When repetitive work is automated, human testers can focus on:

  • Understanding the application

  • Investigating important functions

  • Confirming whether findings are real

  • Identifying business risks

  • Testing unusual attack scenarios

  • Combining related vulnerabilities

This makes the security testing process more efficient.

Fewer false positives

Automated scanners sometimes identify possible vulnerabilities based on response patterns.

Manual verification helps determine whether the issue is real and whether it can be exploited.

Reducing false positives means:

  • Developers waste less time

  • Reports are easier to understand

  • Security teams can focus on real risks

  • Management receives more accurate information

  • Customers have more confidence in the results

Better support for large scopes

Testing every asset manually can be expensive when a company has many public systems.

Hybrid testing can automate repetitive stages while keeping manual analysis for important or uncertain areas.

This can make large-scope security testing more practical for both small companies and larger organisations.

How Wiseep uses hybrid security testing

Wiseep uses a mixed security testing approach.

Depending on the scan type and scope, the process can include:

  • Wiseep’s own scan modules

  • AI driven

  • Automated security tools

  • Open-source tools

  • Multiple scanners

  • Information gathering

  • Fuzzing

  • Port and service scanning

  • URL creation

  • Crawling

  • Technical security checks

  • Business logic checks

  • Manual review

  • False-positive verification

Different scopes are sent to suitable scanning engines based on the type of asset being tested.

Wiseep can scan small and large scopes, including:

  • One public domain

  • Applications with user accounts

  • Wildcard domains

  • Red Team Scan without any scope

  • External infrastructure

  • Mobile applications

  • Desktop applications

  • Source code

  • Public company assets

For a public website, customers can choose a Single Domain Scan.

For an application with usernames, passwords and different user roles, a Credentialed Scan may be more appropriate.

For multiple subdomains, the Wildcard Domain Scan includes subdomain discovery, port checks, service identification, URL creation and security testing.

Is hybrid testing suitable for every company?

Hybrid testing can be useful for many organisations, but the balance between automated and manual testing should depend on the system.

A simple public website may need more automated coverage and less manual investigation.

A customer portal, banking application or complex e-commerce platform may require deeper manual testing.

Before choosing a hybrid service, ask:

  • Which parts of the test are automated?

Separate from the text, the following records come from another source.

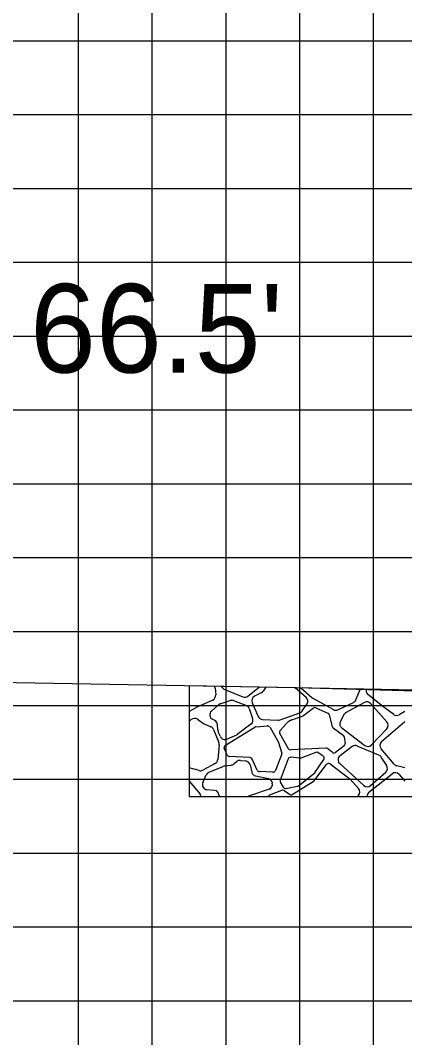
# Model space of a CAD drawing. Extents: x 1807045 to 1807388, y 442591 to 442811.
# Drawn here: x 1807141.97 to 1807147.18, y 442673.17 to 442686.94 of the extents above; entities that cross this region are included whole.
import ezdxf

# ---------------------------------------------------------------- set-up
doc = ezdxf.new("R2010")
doc.units = 0
for name, color, linetype in [('D_Roadway_SlopeLines', 7, 'Continuous'), ('D_Text_Standard', 7, 'Continuous'), ('MAJOR', 7, 'Continuous'), ('MINOR', 7, 'Continuous'), ('S_Roadway_Centerline', 7, 'Continuous')]:
    doc.layers.add(name, color=color, linetype=linetype)

msp = doc.modelspace()

# ---------------------------------------------------------------- linework, layer by layer
at = {"layer": 'D_Roadway_SlopeLines'}
for p, q in [((1807144.611, 442677.896), (1807144.619, 442677.805)), ((1807144.691, 442677.923), (1807144.719, 442677.894)), ((1807144.742, 442677.879), (1807144.986, 442677.779)), ((1807145.054, 442677.789), (1807145.209, 442677.913)), ((1807145.299, 442677.911), (1807145.263, 442677.858)), ((1807145.845, 442677.773), (1807145.695, 442677.904)), ((1807145.773, 442677.903), (1807145.922, 442677.769)), ((1807146.519, 442677.739), (1807146.583, 442677.887)), ((1807144.579, 442677.736), (1807144.355, 442677.637)), ((1807144.682, 442677.685), (1807144.815, 442677.73)), ((1807144.861, 442677.729), (1807145.035, 442677.662)), ((1807145.237, 442677.835), (1807145.145, 442677.789)), ((1807145.935, 442677.76), (1807146.214, 442677.607)), ((1807146.742, 442677.764), (1807146.682, 442677.812)), ((1807146.862, 442677.667), (1807146.743, 442677.764)), ((1807144.348, 442677.633), (1807144.261, 442677.582)), ((1807144.562, 442677.588), (1807144.658, 442677.672)), ((1807145.075, 442677.62), (1807145.12, 442677.486)), ((1807145.113, 442677.701), (1807145.195, 442677.515)), ((1807145.793, 442677.59), (1807145.857, 442677.684)), ((1807145.815, 442677.532), (1807145.942, 442677.627)), ((1807145.977, 442677.631), (1807146.139, 442677.559)), ((1807146.276, 442677.605), (1807146.485, 442677.705)), ((1807146.635, 442677.703), (1807146.38, 442677.563)), ((1807146.94, 442677.441), (1807146.718, 442677.688)), ((1807147.031, 442677.542), (1807146.865, 442677.665)), ((1807147.18, 442677.582), (1807147.106, 442677.538)), ((1807144.261, 442677.447), (1807144.289, 442677.472)), ((1807144.373, 442677.476), (1807144.452, 442677.421)), ((1807144.606, 442677.46), (1807144.576, 442677.476)), ((1807145.253, 442677.475), (1807145.465, 442677.463)), ((1807145.493, 442677.467), (1807145.76, 442677.564)), ((1807145.65, 442677.467), (1807145.769, 442677.508)), ((1807146.158, 442677.536), (1807146.197, 442677.38)), ((1807146.352, 442677.533), (1807146.308, 442677.444)), ((1807146.868, 442677.174), (1807147.18, 442677.447)), ((1807144.464, 442677.414), (1807144.553, 442677.375)), ((1807144.589, 442677.338), (1807144.662, 442677.16)), ((1807144.649, 442677.329), (1807144.642, 442677.406)), ((1807144.683, 442677.242), (1807144.654, 442677.308)), ((1807144.75, 442677.126), (1807145.148, 442677.371)), ((1807145.097, 442677.41), (1807144.912, 442677.27)), ((1807145.163, 442677.376), (1807145.319, 442677.388)), ((1807145.351, 442677.372), (1807145.462, 442677.182)), ((1807145.493, 442677.326), (1807145.58, 442677.421)), ((1807146.21, 442677.36), (1807146.345, 442677.261)), ((1807146.327, 442677.36), (1807146.639, 442677.122)), ((1807146.73, 442677.129), (1807146.938, 442677.348)), ((1807144.899, 442677.262), (1807144.773, 442677.207)), ((1807145.465, 442677.175), (1807145.514, 442677.017)), ((1807145.607, 442677.078), (1807145.488, 442677.285)), ((1807146.358, 442677.238), (1807146.372, 442677.15)), ((1807144.667, 442677.128), (1807144.649, 442676.932)), ((1807144.774, 442676.995), (1807144.736, 442677.084)), ((1807146.11, 442677.086), (1807145.638, 442677.061)), ((1807146.2, 442677.027), (1807146.132, 442677.079)), ((1807146.359, 442677.117), (1807146.241, 442677.027)), ((1807146.47, 442677.106), (1807146.304, 442676.983)), ((1807146.83, 442676.99), (1807146.537, 442677.114)), ((1807147.038, 442676.867), (1807146.861, 442677.078)), ((1807145.085, 442676.957), (1807144.803, 442676.974)), ((1807144.865, 442676.871), (1807144.903, 442676.903)), ((1807144.954, 442676.919), (1807145.027, 442676.912)), ((1807145.18, 442676.787), (1807145.114, 442676.937)), ((1807145.513, 442676.994), (1807145.428, 442676.782)), ((1807145.602, 442676.939), (1807145.493, 442676.654)), ((1807145.758, 442676.949), (1807145.637, 442676.961)), ((1807145.976, 442677.027), (1807145.773, 442676.951)), ((1807145.969, 442676.76), (1807146.083, 442676.931)), ((1807146.073, 442676.979), (1807146.006, 442677.023)), ((1807146.936, 442676.849), (1807146.861, 442676.964)), ((1807144.394, 442676.782), (1807144.261, 442676.817)), ((1807144.613, 442676.878), (1807144.443, 442676.787)), ((1807144.528, 442676.759), (1807144.72, 442676.839)), ((1807144.738, 442676.844), (1807144.829, 442676.855)), ((1807145.087, 442676.859), (1807145.108, 442676.762)), ((1807145.395, 442676.761), (1807145.21, 442676.767)), ((1807145.743, 442676.576), (1807145.962, 442676.753)), ((1807145.951, 442676.64), (1807146.122, 442676.865)), ((1807146.17, 442676.871), (1807146.436, 442676.668)), ((1807146.299, 442676.878), (1807146.627, 442676.581)), ((1807146.718, 442676.58), (1807146.923, 442676.76)), ((1807147.18, 442676.817), (1807147.073, 442676.845)), ((1807144.261, 442676.637), (1807144.407, 442676.46)), ((1807144.446, 442676.619), (1807144.492, 442676.723)), ((1807145.161, 442676.709), (1807145.331, 442676.674)), ((1807145.384, 442676.623), (1807145.386, 442676.612)), ((1807145.495, 442676.625), (1807145.535, 442676.557)), ((1807145.657, 442676.458), (1807145.942, 442676.632)), ((1807146.44, 442676.664), (1807146.556, 442676.539)), ((1807146.695, 442676.489), (1807147.01, 442676.739)), ((1807147.105, 442676.729), (1807147.18, 442676.637)), ((1807144.603, 442676.513), (1807144.501, 442676.523)), ((1807145.342, 442676.532), (1807145.076, 442676.438)), ((1807145.353, 442676.452), (1807145.515, 442676.515)), ((1807145.547, 442676.511), (1807145.619, 442676.46)), ((1807145.571, 442676.541), (1807145.727, 442676.569)), ((1807144.261, 442676.431), (1807159.166, 442676.431)), ((1807144.664, 442676.448), (1807144.664, 442676.453)), ((1807145.326, 442676.431), (1807145.343, 442676.446)), ((1807146.555, 442676.445), (1807146.541, 442676.431))]:
    msp.add_line(p, q, dxfattribs=at)
msp.add_lwpolyline([(1807166.273, 442681.484), (1807162.484, 442679.59), (1807158.627, 442677.662), (1807157.759, 442677.672), (1807144.261, 442677.931), (1807144.261, 442676.431)], dxfattribs=at)
for centre, major_axis, start_param, end_param in [((1807144.543, 442677.89), (0, 0.0683), 4.803049, 5.238884), ((1807144.768, 442677.943), (0, -0.0683), 5.497787, 5.893869), ((1807145.207, 442677.896), (0, -0.0683), 0.463648, 0.97362), ((1807146.725, 442677.866), (0, -0.0683), 4.41012, 5.608444), ((1807144.551, 442677.799), (0, 0.0683), 3.559817, 4.803049), ((1807144.837, 442677.665), (0, 0.0683), 5.917129, 6.604936), ((1807145.012, 442677.842), (0, -0.0683), 5.893869, 6.957926), ((1807145.176, 442677.728), (0, 0.0683), 0.463648, 1.985303), ((1807145.8, 442677.722), (0, -0.0683), 0.977446, 2.424153), ((1807145.968, 442677.82), (0, -0.0683), 5.554357, 5.782172), ((1807146.456, 442677.766), (0, -0.0683), 0.443382, 1.163165), ((1807146.668, 442677.643), (0, 0.0683), 5.44252, 6.785098), ((1807146.7, 442677.711), (0, 0.0683), 5.600869, 5.608444), ((1807144.383, 442677.575), (0, 0.0683), 0.418224, 0.534955), ((1807144.607, 442677.536), (0, -0.0683), 3.860423, 5.799738), ((1807144.703, 442677.62), (0, 0.0683), 0.321751, 0.71883), ((1807145.01, 442677.598), (0, 0.0683), 5.039487, 5.917129), ((1807145.737, 442677.628), (0, -0.0683), 0.347767, 0.977446), ((1807145.963, 442677.6), (0, 0.0342), 5.866747, 6.924845), ((1807146.247, 442677.667), (0, -0.0683), 5.782172, 6.726567), ((1807146.905, 442677.72), (0, -0.0683), 5.600869, 5.645637), ((1807144.334, 442677.42), (0, 0.0683), 5.668522, 7.003256), ((1807144.574, 442677.4), (0, 0.0683), 4.803049, 5.799738), ((1807145.056, 442677.464), (0, 0.0683), 3.787712, 5.039487), ((1807145.257, 442677.543), (0, -0.0683), 5.126896, 6.226907), ((1807145.469, 442677.531), (0, -0.0683), 6.226907, 6.630952), ((1807145.706, 442677.305), (0, 0.171), 0.333945, 0.825917), ((1807145.713, 442677.669), (0, -0.171), 0.333945, 0.641659), ((1807146.125, 442677.528), (0, 0.0342), 4.95256, 5.866747), ((1807146.369, 442677.414), (0, 0.0683), 1.108164, 2.48948), ((1807146.413, 442677.503), (0, 0.0683), 0.501913, 1.108164), ((1807146.889, 442677.395), (0, -0.0683), 0.810393, 2.300927), ((1807147.071, 442677.597), (0, -0.0683), 5.645637, 6.81814), ((1807144.491, 442677.476), (0, -0.0683), 5.668522, 5.870775), ((1807144.526, 442677.312), (0, 0.0683), 5.104729, 5.870775), ((1807144.717, 442677.336), (0, -0.0683), 4.803049, 5.120538), ((1807145.166, 442677.342), (0, 0.0342), 0.081452, 0.550676), ((1807145.321, 442677.354), (0, 0.0342), 5.244893, 6.364637), ((1807145.518, 442677.302), (0, -0.0342), 3.967509, 5.232357), ((1807146.23, 442677.388), (0, -0.0342), 4.95256, 5.649393), ((1807144.745, 442677.269), (0, -0.0683), 5.120538, 6.699624), ((1807144.871, 442677.325), (0, -0.0683), 0.416439, 0.646119), ((1807145.433, 442677.165), (0, 0.0342), 5.00783, 5.244893), ((1807146.325, 442677.233), (0, 0.0342), 4.865038, 5.649393), ((1807146.913, 442677.122), (0, -0.0683), 3.861663, 5.40978), ((1807144.599, 442677.134), (0, 0.0683), 4.621729, 5.104729), ((1807144.768, 442677.097), (0, -0.0342), 3.692268, 5.10718), ((1807145.636, 442677.095), (0, -0.0342), 5.232357, 6.335377), ((1807145.988, 442676.995), (0, 0.0342), 5.695183, 6.640689), ((1807146.112, 442677.052), (0, 0.0342), 5.62749, 6.335377), ((1807146.338, 442677.144), (0, 0.0342), 3.796699, 4.865038), ((1807146.511, 442677.052), (0, 0.0683), 5.881372, 6.922099), ((1807146.68, 442677.176), (0, -0.0683), 5.631073, 7.093578), ((1807144.581, 442676.939), (0, -0.0683), 0.489957, 1.480136), ((1807144.805, 442677.008), (0, -0.0342), 5.10718, 6.225111), ((1807144.947, 442676.851), (0, 0.0683), 6.183517, 6.987679), ((1807145.02, 442676.844), (0, 0.0683), 4.928939, 6.183517), ((1807145.083, 442676.923), (0, 0.0342), 5.126896, 6.225111), ((1807145.481, 442677.007), (0, 0.0342), 4.331883, 5.00783), ((1807145.634, 442676.927), (0, 0.0342), 6.185932, 7.487587), ((1807145.761, 442676.983), (0, -0.0342), 6.185932, 6.640689), ((1807146.054, 442676.95), (0, -0.0342), 0.982794, 2.55359), ((1807146.22, 442677.054), (0, -0.0342), 5.62749, 6.938291), ((1807146.345, 442676.928), (0, 0.0683), 0.638914, 2.406418), ((1807146.804, 442676.927), (0, 0.0683), 5.287694, 5.881372), ((1807144.411, 442676.848), (0, -0.0683), 6.025862, 6.773143), ((1807144.554, 442676.696), (0, 0.0683), 0.394791, 1.157466), ((1807144.747, 442676.776), (0, 0.0683), 0.124355, 0.394791), ((1807144.821, 442676.923), (0, -0.0683), 0.124355, 0.704494), ((1807145.174, 442676.776), (0, -0.0683), 4.928939, 6.08014), ((1807145.212, 442676.801), (0, -0.0342), 5.126896, 6.25041), ((1807145.396, 442676.795), (0, -0.0342), 6.25041, 7.473475), ((1807145.94, 442676.779), (0, -0.0342), 0.676737, 0.982794), ((1807146.149, 442676.844), (0, 0.0342), 5.630339, 7.201135), ((1807146.878, 442676.812), (0, -0.0683), 0.719883, 2.146101), ((1807147.052, 442676.685), (0, 0.0683), 5.401291, 6.952921), ((1807147.09, 442676.911), (0, -0.0683), 5.40978, 6.025862), ((1807144.508, 442676.591), (0, -0.0683), 4.299059, 6.17752), ((1807145.317, 442676.607), (0, 0.0683), 4.941621, 6.08014), ((1807145.525, 442676.642), (0, 0.0342), 1.204402, 2.105751), ((1807145.924, 442676.661), (0, -0.0342), 0.547562, 0.91795), ((1807146.415, 442676.64), (0, 0.0342), 5.459199, 5.630339), ((1807144.596, 442676.445), (0, 0.0683), 4.831818, 6.17752), ((1807145.32, 442676.596), (0, 0.0683), 3.480291, 4.941621), ((1807145.527, 442676.483), (0, 0.0342), 5.662936, 6.653091), ((1807145.565, 442676.575), (0, -0.0342), 5.247344, 6.461278), ((1807145.721, 442676.603), (0, -0.0342), 0.178093, 0.676737), ((1807146.506, 442676.492), (0, 0.0683), 3.950796, 5.459199), ((1807146.673, 442676.631), (0, -0.0683), 5.54801, 7.003068), ((1807146.737, 442676.436), (0, -0.0683), 3.811328, 4.781061), ((1807144.354, 442676.417), (0, 0.0683), 4.923619, 5.401291), ((1807144.732, 442676.456), (0, -0.0683), 4.831818, 5.090955), ((1807145.098, 442676.373), (0, 0.0683), 0.338698, 0.568262), ((1807145.366, 442676.421), (0, 0.0342), 0.369906, 0.736656), ((1807145.639, 442676.487), (0, -0.0342), 5.662936, 6.830748)]:
    msp.add_ellipse(centre, major_axis=major_axis, ratio=0.99895, start_param=start_param, end_param=end_param, dxfattribs=at)
at = {"layer": 'MAJOR'}
for p, q in [((1807070.759, 442683.665), (1807350.759, 442683.665)), ((1807070.759, 442678.665), (1807350.759, 442678.665)), ((1807070.759, 442673.665), (1807350.759, 442673.665))]:
    msp.add_line(p, q, dxfattribs=at)
at = {"layer": 'MINOR'}
for p, q in [((1807142.759, 442663.665), (1807142.759, 442698.665)), ((1807143.759, 442663.665), (1807143.759, 442698.665)), ((1807144.759, 442663.665), (1807144.759, 442698.665)), ((1807145.759, 442663.665), (1807145.759, 442698.665)), ((1807146.759, 442663.665), (1807146.759, 442698.665)), ((1807070.759, 442686.665), (1807350.759, 442686.665)), ((1807070.759, 442685.665), (1807350.759, 442685.665)), ((1807070.759, 442684.665), (1807350.759, 442684.665)), ((1807070.759, 442682.665), (1807350.759, 442682.665)), ((1807070.759, 442681.665), (1807350.759, 442681.665)), ((1807070.759, 442680.665), (1807350.759, 442680.665)), ((1807070.759, 442679.665), (1807350.759, 442679.665)), ((1807070.759, 442677.665), (1807350.759, 442677.665)), ((1807070.759, 442676.665), (1807350.759, 442676.665)), ((1807070.759, 442675.665), (1807350.759, 442675.665)), ((1807070.759, 442674.665), (1807350.759, 442674.665))]:
    msp.add_line(p, q, dxfattribs=at)
at = {"layer": 'S_Roadway_Centerline'}
msp.add_lwpolyline([(1807137.321, 442678.055), (1807145.714, 442677.905), (1807153.421, 442677.695), (1807163.888, 442677.64), (1807167.09, 442677.522), (1807176.514, 442677.036), (1807189.139, 442676.626), (1807189.4, 442676.62), (1807189.676, 442676.614), (1807203.419, 442676.739), (1807210.876, 442676.624), (1807214.273, 442676.566), (1807222.824, 442676.92), (1807231.138, 442676.312), (1807247.162, 442676.483), (1807251.677, 442676.55), (1807259.938, 442676.383), (1807289.258, 442676.117)], dxfattribs=at)

# ---------------------------------------------------------------- texts
at = {"layer": 'D_Text_Standard'}
msp.add_text("66.5'", height=1.2, dxfattribs=at).set_placement((1807142.104, 442682.171))

doc.saveas('drawing.dxf')

  • Which findings are manually reviewed?

  • Are authenticated areas included?

  • Are business logic vulnerabilities tested?

  • How are false positives handled?

  • Will proof-of-concept information be provided?

  • Is remediation guidance included?

  • Does the service cover the complete scope?

The word “hybrid” should represent a real testing process, not only a marketing term.

Final thoughts

Automated and manual security testing should not always be treated as competing approaches.

Automation provides speed, repetition and large-scale coverage. Human testers provide context, experience and creativity.

Hybrid security testing brings these strengths together. When used correctly, it can provide broader coverage, more reliable findings and better use of the security budget.

The main goal is not to run the largest number of tools. The goal is to identify real security vulnerabilities that could put the organisation at risk.